Number of null values is significant on many columns ( > 25% ) <br>
Droping features is not an option for dealing with missing data, because we do not have the knowledge yet if they have relation with the class we want to predict<br>

However, per sample, 6 out of 40 attributes doesn't seem very significant.
This before the feature selection.

## Classification Models

- ~[ ] Logit~
- ~[ ] LDA~
- [x] SVM
- ~[ ] Naive Bayes~
- ~[ ] DecisionTree~
- ~[ ] KNN~
- [x] Bagging:
    - RandomForest
    - KNN
- ~[ ] Boosting~

# Testing Imputation Models

## Test with MinMaxScaler

In [None]:
X_train_not_nan = X_Train.dropna()

In [None]:
X_train_not_nan.shape

In [None]:
X_Train.shape

The difference in the number of rows, from the variable *X_train_not_nan* and the variable *X_train* indicates that a huge number of instances are missing at least one of the features, hence droping rows is not a viable option

In [None]:
priors = X_Train.isna().sum()/X_Train.shape[0]
priors.shape

In [None]:
def get_mask(X,priors):
    masks = np.empty(shape = X.shape, dtype=np.bool_)
    for i, p in enumerate(priors):
        masks[:, i] = np.random.choice((True,False), size=masks.shape[0], p=(p,1-p))
    return masks

In [None]:
scaler = MinMaxScaler().fit(X_train_not_nan)
X_train_not_nan_scaled = pd.DataFrame(data = scaler.transform(X_train_not_nan),
                                      columns=X_train_not_nan.columns)

In [None]:
N = 50
masks = [get_mask(X_train_not_nan, priors) for _ in range(N)]

In [None]:
imputers = (
        SimpleImputer(),
        SimpleImputer(strategy="median"),
        KNNImputer()
)
labels = ["SimpleImpute_mean", "SimpleImpute_median", "KNN"]

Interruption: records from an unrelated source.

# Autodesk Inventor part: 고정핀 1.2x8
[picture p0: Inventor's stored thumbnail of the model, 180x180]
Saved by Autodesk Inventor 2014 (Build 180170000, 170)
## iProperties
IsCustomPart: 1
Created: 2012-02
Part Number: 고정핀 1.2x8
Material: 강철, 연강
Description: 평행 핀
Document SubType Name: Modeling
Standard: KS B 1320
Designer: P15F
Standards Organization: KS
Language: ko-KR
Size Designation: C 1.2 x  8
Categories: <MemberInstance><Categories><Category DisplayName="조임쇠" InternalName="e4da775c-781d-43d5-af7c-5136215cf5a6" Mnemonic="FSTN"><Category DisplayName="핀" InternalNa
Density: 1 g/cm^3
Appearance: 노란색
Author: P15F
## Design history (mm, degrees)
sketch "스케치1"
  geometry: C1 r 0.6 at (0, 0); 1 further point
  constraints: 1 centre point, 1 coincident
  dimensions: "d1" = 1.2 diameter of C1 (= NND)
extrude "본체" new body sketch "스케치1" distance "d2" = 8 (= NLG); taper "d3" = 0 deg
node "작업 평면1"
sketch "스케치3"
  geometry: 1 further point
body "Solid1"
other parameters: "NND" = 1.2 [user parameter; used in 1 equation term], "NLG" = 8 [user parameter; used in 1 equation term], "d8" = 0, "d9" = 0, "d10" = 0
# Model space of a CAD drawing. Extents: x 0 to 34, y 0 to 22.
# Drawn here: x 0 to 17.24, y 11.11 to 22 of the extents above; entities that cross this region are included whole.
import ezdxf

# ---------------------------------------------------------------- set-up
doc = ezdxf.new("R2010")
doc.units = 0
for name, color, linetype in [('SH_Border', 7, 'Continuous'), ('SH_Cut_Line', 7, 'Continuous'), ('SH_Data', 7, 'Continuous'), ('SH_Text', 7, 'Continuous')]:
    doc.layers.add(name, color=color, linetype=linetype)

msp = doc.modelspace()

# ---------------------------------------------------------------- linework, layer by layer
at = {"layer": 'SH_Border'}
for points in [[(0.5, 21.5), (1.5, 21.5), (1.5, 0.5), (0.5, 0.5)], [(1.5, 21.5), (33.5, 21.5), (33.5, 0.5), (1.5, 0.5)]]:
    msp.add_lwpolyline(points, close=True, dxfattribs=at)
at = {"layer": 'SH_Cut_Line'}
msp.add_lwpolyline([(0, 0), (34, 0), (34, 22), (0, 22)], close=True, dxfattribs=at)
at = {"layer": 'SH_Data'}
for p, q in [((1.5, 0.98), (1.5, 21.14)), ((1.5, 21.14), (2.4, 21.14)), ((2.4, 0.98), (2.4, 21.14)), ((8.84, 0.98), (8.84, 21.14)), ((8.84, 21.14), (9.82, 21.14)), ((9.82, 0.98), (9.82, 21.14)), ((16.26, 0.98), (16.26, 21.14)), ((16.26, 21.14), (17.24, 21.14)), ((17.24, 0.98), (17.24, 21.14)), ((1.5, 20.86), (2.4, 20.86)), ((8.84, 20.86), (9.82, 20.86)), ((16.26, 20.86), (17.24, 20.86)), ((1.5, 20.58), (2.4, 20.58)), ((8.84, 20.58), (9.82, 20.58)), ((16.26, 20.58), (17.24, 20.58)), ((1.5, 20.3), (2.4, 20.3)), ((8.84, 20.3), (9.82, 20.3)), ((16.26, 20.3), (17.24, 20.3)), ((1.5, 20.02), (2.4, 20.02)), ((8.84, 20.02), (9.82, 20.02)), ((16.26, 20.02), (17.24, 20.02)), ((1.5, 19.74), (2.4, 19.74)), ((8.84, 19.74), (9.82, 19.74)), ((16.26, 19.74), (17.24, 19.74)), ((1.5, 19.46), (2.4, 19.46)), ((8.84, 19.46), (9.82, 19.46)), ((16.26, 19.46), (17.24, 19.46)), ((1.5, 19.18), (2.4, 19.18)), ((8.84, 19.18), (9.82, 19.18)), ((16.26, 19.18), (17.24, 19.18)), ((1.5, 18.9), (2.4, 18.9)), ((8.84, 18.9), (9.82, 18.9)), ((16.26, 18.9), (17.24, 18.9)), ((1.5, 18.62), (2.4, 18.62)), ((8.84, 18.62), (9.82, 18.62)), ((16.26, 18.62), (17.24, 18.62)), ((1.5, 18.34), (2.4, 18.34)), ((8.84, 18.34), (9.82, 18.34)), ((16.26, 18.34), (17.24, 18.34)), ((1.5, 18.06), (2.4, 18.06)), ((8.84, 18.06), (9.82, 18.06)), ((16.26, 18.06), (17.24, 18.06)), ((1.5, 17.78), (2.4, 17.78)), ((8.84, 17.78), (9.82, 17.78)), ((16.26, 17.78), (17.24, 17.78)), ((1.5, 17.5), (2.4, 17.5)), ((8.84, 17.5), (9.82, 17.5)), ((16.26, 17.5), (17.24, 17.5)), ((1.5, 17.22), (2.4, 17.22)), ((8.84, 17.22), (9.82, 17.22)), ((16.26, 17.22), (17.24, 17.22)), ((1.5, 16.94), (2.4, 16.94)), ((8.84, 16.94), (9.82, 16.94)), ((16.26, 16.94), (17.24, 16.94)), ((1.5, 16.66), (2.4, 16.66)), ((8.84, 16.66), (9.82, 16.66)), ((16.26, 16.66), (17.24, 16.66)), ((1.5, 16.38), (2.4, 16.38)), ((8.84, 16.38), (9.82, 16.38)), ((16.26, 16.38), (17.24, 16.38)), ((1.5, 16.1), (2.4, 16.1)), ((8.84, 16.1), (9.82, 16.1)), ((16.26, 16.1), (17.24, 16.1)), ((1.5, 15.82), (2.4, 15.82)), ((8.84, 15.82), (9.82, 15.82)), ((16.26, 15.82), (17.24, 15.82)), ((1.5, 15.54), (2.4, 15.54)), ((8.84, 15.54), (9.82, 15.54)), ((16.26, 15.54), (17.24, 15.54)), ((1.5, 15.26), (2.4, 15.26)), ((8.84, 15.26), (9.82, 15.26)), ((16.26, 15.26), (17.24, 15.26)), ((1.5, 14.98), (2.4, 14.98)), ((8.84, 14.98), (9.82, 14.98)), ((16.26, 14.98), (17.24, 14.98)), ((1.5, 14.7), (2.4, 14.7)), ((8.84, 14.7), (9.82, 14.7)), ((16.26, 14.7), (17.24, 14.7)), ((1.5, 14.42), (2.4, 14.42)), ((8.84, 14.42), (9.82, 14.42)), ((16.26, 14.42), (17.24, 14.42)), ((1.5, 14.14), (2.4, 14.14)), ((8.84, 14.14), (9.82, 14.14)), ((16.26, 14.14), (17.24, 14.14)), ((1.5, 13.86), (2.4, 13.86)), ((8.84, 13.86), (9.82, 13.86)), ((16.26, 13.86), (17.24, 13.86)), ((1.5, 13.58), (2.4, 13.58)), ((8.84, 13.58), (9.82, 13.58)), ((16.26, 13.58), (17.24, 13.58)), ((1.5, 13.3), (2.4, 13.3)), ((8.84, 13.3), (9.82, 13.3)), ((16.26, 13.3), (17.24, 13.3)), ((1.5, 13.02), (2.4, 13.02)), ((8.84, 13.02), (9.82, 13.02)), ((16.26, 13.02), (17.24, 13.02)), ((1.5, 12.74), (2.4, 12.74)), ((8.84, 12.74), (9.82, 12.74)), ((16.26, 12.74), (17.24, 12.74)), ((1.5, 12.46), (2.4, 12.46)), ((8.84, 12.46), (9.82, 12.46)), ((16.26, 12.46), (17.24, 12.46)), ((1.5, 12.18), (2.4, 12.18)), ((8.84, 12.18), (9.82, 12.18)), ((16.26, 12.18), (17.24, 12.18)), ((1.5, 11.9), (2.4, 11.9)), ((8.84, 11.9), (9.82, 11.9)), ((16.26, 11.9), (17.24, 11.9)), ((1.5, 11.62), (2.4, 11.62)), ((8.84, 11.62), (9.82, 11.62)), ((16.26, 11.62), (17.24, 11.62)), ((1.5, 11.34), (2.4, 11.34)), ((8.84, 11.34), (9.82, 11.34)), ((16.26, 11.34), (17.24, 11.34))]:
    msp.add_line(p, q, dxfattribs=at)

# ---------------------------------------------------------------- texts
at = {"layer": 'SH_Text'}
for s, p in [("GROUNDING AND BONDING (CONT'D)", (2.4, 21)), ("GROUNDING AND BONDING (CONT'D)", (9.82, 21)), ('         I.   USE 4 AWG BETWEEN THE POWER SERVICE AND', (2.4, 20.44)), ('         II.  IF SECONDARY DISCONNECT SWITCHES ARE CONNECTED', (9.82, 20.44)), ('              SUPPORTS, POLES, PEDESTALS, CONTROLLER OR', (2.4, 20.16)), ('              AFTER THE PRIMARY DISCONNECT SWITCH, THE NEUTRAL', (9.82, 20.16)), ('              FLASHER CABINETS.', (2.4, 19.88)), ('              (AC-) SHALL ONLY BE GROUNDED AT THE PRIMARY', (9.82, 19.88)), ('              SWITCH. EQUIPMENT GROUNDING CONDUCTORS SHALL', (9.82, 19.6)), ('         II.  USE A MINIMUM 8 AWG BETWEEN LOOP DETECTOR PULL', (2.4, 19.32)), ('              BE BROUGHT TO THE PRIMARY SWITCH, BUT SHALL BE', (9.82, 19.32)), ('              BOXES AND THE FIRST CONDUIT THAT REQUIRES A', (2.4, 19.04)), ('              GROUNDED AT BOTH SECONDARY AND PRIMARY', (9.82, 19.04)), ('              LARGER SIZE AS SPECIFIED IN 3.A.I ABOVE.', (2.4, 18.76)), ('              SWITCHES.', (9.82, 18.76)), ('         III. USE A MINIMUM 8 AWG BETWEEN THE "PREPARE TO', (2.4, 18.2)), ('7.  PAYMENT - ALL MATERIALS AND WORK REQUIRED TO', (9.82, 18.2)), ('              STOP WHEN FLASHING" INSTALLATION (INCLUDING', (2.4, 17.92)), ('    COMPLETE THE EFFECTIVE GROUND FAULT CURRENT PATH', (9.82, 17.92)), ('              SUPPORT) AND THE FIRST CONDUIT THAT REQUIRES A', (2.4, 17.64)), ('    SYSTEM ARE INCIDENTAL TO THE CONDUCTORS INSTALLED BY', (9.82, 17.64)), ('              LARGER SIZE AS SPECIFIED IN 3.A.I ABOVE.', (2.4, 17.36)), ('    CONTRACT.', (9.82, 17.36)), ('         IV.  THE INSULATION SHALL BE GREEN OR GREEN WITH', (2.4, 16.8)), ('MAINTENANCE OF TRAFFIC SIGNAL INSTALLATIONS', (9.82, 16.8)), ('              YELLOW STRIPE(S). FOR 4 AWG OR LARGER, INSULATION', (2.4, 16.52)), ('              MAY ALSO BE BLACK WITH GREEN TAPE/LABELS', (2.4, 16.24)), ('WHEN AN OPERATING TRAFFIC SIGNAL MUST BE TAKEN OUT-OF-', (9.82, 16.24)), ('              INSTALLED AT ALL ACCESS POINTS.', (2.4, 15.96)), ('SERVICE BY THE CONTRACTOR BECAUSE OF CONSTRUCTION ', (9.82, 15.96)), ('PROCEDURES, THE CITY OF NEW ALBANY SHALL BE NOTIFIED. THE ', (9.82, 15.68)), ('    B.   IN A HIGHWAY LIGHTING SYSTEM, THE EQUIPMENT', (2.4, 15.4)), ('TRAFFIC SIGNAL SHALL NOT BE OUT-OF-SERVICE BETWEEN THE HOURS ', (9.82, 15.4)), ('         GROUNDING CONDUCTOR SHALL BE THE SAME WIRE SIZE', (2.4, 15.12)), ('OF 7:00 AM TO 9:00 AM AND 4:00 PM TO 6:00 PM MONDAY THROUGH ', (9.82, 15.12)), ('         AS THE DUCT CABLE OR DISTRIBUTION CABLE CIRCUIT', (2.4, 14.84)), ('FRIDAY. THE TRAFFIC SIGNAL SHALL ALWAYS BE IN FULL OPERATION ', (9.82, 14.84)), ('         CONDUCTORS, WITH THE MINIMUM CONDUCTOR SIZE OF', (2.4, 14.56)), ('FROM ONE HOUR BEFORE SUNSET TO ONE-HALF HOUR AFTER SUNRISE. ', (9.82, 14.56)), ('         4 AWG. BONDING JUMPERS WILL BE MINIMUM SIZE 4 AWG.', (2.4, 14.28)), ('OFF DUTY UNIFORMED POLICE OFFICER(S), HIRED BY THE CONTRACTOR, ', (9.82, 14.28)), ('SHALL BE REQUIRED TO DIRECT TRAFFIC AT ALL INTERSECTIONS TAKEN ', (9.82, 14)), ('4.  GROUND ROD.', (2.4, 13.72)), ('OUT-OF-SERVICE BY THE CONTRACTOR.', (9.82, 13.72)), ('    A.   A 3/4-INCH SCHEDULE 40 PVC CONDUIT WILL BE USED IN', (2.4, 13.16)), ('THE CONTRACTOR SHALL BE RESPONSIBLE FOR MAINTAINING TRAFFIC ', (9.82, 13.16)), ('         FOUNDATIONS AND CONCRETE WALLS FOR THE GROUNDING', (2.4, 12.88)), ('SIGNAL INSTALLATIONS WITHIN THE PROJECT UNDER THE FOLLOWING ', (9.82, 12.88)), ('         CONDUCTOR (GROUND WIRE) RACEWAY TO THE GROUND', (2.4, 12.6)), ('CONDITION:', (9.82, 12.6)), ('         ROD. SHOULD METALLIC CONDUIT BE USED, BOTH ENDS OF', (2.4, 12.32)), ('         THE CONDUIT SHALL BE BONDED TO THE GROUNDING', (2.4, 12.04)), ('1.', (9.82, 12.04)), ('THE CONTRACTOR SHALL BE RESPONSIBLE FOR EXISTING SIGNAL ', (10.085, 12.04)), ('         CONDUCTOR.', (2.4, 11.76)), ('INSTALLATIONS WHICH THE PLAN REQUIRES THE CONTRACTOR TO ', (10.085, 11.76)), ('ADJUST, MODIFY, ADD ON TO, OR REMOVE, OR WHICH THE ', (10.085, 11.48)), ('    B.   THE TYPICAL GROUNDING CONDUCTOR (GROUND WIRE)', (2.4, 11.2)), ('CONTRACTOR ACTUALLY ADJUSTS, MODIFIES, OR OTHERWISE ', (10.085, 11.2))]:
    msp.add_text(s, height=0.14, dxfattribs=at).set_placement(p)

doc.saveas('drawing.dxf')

results = pd.DataFrame(index=X_train_not_nan.columns)
for label, model in zip(labels,imputers):
    errors=pd.DataFrame(columns = X_train_not_nan.columns)
    for _ in range(N):
        X_masked = X_train_not_nan_scaled.mask(masks[_])
        
        model = model.fit(X_masked)
        X_imputed = model.transform(X_masked)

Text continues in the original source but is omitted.